Great for that. I appreciate it, Steve. And then my second question actually sticks with rigosertib. It’s more of a little bit forward-looking as well. As you look towards your metastatic melanoma program and beyond to enhance the profile about the immune stimulatory properties, I guess, as you look at the clinical studies, what would be any of the translational plans or analyses that you might be looking towards to show – to further support the immunomodulatory properties?

Steve Fruchtman

Analyst

Mark, do you want to take that?

Mark Gelder

Analyst

Sure. So I mean, we could spend a few hours talking about that. But in a nutshell, I think that in the melanoma program, they have a variety of different cohort studies that they’re going to be looking at to look at what changes actually take place in the tumor microenvironment; what kind of cell infiltrates are there? What kind of cytokine release is there, et cetera, et cetera? So as you can imagine, the melanoma study, the melanoma ISS that is going to be getting underway shortly at Vanderbilt, that study is going to be looking at a variety of different things. And it’s – I really – I have to be careful on what I say because it’s not publicly available yet, but they are going to be looking at a variety of things that will then once we have the answers to those questions will hopefully allow us to start looking very carefully at the combination of checkpoint inhibitor and rigosertib, perhaps not only in melanoma, but other tumor types and be able to narrow down or focus on particular populations that would potentially be of greatest interest. But I promise you that study is going to do a lot of correlative work trying to answer this very question.

Joe Pantginis

Analyst

Understood. Thanks a lot guys.

Operator

Operator

Thank you. That is all the time we have for questions today.
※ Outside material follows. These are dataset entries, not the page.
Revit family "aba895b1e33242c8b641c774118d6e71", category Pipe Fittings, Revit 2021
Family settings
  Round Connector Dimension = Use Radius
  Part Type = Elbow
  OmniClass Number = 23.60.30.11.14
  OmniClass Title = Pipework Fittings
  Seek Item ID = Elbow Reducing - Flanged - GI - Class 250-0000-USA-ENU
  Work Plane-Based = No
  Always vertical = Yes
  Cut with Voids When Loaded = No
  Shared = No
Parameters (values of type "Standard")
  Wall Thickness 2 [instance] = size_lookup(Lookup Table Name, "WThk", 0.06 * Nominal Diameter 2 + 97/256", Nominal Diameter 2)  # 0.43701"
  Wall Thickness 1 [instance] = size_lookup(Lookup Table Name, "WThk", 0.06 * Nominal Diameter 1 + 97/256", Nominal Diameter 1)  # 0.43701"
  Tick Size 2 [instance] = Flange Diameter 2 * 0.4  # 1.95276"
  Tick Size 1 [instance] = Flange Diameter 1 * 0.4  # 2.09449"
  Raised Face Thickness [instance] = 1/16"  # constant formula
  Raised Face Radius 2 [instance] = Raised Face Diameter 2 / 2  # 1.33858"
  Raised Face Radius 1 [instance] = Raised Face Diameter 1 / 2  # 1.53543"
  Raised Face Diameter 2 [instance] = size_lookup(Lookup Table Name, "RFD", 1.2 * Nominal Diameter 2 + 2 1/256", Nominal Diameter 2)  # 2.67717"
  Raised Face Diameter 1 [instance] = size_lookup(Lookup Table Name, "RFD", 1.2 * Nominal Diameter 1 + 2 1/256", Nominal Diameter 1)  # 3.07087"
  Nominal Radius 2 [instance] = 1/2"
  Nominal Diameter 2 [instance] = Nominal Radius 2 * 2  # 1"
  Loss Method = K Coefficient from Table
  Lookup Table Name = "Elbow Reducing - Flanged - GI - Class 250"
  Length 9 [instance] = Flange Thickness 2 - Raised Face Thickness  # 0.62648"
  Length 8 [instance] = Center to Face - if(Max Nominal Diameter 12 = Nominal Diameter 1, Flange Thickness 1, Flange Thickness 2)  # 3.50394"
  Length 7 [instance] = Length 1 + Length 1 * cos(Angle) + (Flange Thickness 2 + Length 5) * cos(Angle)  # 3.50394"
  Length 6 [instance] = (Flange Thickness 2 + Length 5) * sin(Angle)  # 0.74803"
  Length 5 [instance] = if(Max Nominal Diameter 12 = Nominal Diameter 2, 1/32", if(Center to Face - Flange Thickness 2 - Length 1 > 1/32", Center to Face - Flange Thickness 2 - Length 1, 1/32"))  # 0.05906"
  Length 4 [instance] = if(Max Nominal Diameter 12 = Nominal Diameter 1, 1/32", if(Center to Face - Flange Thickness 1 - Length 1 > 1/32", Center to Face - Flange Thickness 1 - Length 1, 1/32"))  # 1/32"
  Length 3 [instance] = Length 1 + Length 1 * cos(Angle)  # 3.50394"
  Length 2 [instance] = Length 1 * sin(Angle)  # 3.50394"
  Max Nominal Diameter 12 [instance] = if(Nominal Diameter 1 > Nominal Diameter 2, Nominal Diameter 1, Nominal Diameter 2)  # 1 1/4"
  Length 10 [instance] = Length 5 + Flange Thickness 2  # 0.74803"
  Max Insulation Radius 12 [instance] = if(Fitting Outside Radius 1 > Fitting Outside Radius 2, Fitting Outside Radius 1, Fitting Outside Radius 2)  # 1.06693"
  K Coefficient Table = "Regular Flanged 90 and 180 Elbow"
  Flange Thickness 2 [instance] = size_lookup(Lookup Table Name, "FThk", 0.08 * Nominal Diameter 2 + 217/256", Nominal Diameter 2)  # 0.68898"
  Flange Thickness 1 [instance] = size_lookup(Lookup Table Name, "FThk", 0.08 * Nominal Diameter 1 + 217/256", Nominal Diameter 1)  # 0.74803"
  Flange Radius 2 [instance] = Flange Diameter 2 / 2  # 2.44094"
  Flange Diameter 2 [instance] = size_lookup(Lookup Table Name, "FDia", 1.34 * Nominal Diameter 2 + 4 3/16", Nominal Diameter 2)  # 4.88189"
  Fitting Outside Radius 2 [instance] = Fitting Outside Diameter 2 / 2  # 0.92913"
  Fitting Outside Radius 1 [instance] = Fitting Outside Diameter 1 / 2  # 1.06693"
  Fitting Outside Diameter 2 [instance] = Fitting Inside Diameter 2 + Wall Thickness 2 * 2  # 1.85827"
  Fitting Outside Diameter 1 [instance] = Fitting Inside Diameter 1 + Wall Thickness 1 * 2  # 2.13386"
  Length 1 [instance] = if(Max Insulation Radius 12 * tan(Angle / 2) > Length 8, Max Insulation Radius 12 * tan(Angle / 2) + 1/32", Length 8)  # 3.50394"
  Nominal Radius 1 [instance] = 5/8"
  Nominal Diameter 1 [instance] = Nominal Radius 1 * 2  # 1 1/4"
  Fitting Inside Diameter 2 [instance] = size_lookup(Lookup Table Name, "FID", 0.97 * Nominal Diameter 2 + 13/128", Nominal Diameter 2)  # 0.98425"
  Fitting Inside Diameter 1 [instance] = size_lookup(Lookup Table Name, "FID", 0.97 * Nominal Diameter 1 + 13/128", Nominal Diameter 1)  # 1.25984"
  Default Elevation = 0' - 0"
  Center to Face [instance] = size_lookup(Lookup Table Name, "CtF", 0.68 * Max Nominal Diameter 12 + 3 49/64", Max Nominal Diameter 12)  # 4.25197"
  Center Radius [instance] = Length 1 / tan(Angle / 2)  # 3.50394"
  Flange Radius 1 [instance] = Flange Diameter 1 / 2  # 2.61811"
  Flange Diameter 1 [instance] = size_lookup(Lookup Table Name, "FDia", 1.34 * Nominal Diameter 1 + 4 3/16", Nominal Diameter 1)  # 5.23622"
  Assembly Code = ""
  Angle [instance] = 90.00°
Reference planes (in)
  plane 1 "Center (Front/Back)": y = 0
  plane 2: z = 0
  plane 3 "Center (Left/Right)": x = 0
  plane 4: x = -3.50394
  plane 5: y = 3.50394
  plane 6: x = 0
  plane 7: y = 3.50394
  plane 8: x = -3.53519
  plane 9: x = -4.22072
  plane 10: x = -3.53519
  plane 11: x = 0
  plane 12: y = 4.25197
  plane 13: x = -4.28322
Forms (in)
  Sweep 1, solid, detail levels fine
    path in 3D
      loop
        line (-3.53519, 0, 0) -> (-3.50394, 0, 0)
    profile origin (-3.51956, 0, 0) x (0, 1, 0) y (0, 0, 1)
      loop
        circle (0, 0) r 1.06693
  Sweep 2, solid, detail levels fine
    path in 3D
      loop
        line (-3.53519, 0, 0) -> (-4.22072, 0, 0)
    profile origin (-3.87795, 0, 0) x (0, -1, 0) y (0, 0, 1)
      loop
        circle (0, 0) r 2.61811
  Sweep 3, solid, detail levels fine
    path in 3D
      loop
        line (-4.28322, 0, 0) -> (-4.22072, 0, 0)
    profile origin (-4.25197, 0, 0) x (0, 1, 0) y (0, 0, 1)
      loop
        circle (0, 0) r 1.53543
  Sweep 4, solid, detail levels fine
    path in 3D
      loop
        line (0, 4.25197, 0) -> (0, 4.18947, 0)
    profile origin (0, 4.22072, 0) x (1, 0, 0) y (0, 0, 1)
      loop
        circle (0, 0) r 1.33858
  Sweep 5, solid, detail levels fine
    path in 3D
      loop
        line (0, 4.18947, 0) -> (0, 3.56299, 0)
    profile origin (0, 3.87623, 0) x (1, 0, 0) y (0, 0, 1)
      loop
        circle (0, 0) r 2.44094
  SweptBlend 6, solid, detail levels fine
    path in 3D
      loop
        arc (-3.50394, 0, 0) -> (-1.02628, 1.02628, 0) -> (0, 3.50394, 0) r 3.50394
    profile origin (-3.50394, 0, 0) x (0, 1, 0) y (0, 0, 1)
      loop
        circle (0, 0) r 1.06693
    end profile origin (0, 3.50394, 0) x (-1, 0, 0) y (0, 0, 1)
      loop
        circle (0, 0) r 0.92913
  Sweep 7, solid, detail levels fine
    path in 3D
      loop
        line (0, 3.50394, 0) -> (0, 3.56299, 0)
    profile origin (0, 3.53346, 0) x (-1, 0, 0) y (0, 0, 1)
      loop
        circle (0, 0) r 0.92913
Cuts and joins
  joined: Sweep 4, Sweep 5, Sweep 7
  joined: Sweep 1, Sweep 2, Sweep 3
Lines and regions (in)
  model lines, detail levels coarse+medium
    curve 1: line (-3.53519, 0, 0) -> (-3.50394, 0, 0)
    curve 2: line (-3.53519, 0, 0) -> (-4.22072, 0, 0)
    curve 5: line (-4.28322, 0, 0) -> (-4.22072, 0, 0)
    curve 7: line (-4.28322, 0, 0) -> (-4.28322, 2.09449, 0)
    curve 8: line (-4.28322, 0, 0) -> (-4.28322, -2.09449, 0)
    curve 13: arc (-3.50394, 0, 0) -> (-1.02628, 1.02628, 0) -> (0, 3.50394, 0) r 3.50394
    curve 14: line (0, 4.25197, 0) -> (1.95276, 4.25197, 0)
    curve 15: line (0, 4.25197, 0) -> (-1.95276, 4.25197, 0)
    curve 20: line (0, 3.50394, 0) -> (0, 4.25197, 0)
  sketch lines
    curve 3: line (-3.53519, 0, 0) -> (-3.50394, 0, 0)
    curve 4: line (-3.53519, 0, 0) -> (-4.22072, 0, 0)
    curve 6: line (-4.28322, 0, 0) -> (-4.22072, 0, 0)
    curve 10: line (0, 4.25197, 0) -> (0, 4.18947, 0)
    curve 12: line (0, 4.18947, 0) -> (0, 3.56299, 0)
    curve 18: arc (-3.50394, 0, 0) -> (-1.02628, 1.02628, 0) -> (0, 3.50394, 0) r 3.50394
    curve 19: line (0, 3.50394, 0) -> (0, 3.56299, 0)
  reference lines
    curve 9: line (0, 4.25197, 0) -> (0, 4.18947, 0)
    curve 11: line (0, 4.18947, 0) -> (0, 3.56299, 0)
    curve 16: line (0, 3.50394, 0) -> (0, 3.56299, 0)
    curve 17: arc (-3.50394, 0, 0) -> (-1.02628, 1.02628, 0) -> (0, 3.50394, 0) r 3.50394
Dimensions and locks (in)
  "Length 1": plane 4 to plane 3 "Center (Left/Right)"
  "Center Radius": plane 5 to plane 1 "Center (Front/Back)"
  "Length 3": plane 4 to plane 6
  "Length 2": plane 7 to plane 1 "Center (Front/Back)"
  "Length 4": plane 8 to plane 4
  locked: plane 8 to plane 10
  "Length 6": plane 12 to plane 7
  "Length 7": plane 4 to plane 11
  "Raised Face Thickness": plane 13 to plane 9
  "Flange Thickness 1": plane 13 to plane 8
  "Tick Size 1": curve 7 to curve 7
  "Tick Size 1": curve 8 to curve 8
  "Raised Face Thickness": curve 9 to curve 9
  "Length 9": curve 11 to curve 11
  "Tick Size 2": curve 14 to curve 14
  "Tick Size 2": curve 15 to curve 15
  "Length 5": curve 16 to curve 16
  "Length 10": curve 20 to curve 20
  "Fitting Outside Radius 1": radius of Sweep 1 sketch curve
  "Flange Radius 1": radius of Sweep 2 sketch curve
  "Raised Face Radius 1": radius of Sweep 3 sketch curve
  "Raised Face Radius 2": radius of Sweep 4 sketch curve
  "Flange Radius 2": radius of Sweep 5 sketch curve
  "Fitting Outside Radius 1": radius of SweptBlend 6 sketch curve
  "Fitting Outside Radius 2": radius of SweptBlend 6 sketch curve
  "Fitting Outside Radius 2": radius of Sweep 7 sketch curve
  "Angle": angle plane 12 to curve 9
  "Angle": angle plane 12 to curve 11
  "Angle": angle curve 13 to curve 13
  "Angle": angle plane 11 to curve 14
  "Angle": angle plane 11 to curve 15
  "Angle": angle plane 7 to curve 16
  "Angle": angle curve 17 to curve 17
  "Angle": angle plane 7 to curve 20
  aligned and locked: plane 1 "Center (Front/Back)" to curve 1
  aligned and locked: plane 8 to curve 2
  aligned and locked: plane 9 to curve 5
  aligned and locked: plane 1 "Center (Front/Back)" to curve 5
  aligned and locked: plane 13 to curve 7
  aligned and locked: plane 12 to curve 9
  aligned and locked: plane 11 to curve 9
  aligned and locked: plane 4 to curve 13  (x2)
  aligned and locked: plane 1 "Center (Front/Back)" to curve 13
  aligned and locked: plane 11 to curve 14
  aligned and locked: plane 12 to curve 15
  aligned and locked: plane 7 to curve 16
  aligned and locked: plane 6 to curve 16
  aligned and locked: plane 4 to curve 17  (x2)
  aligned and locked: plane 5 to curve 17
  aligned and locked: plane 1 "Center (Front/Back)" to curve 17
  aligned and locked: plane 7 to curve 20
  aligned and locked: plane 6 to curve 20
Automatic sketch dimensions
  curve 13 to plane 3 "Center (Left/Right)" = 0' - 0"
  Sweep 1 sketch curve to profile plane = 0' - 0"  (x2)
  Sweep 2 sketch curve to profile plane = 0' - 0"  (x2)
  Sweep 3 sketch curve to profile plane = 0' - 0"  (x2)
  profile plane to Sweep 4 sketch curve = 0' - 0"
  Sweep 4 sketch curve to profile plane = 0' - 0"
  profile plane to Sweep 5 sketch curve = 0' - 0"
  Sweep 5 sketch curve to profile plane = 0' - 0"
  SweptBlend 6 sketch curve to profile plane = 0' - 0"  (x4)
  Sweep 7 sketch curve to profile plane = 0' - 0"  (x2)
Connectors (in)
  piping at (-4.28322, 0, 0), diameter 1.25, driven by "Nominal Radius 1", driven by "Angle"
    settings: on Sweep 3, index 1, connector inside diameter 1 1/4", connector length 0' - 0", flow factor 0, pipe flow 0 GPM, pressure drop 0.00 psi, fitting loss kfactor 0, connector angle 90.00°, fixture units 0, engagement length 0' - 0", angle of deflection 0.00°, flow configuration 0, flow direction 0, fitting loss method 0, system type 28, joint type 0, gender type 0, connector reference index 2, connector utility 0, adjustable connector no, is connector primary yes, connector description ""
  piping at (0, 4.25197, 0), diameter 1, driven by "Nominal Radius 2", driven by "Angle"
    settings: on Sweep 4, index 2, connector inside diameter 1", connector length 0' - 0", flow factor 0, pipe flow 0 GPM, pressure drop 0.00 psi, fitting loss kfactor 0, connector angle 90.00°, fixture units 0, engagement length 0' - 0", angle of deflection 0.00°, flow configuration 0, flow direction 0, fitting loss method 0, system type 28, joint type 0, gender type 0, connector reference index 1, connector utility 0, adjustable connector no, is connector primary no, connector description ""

I’d like to turn the call back over to the speakers for any closing remarks.

Steve Fruchtman

Analyst

We’d like to thank all of you for really very insightful questions today, and thank you. We’ll also thank you for participating in today’s update call. We look forward to executing on our business plan and to keep you appraised of our progress with our research compounds. We appreciate your continued interest in these programs, and thanks again for joining us and have a lovely evening, and look forward to talking more in the future about our advances. Thank you.

Operator

Operator

Ladies and gentlemen, thank you for your participation on today’s conference call. This concludes today’s event. You may now disconnect. Everyone, have a great day.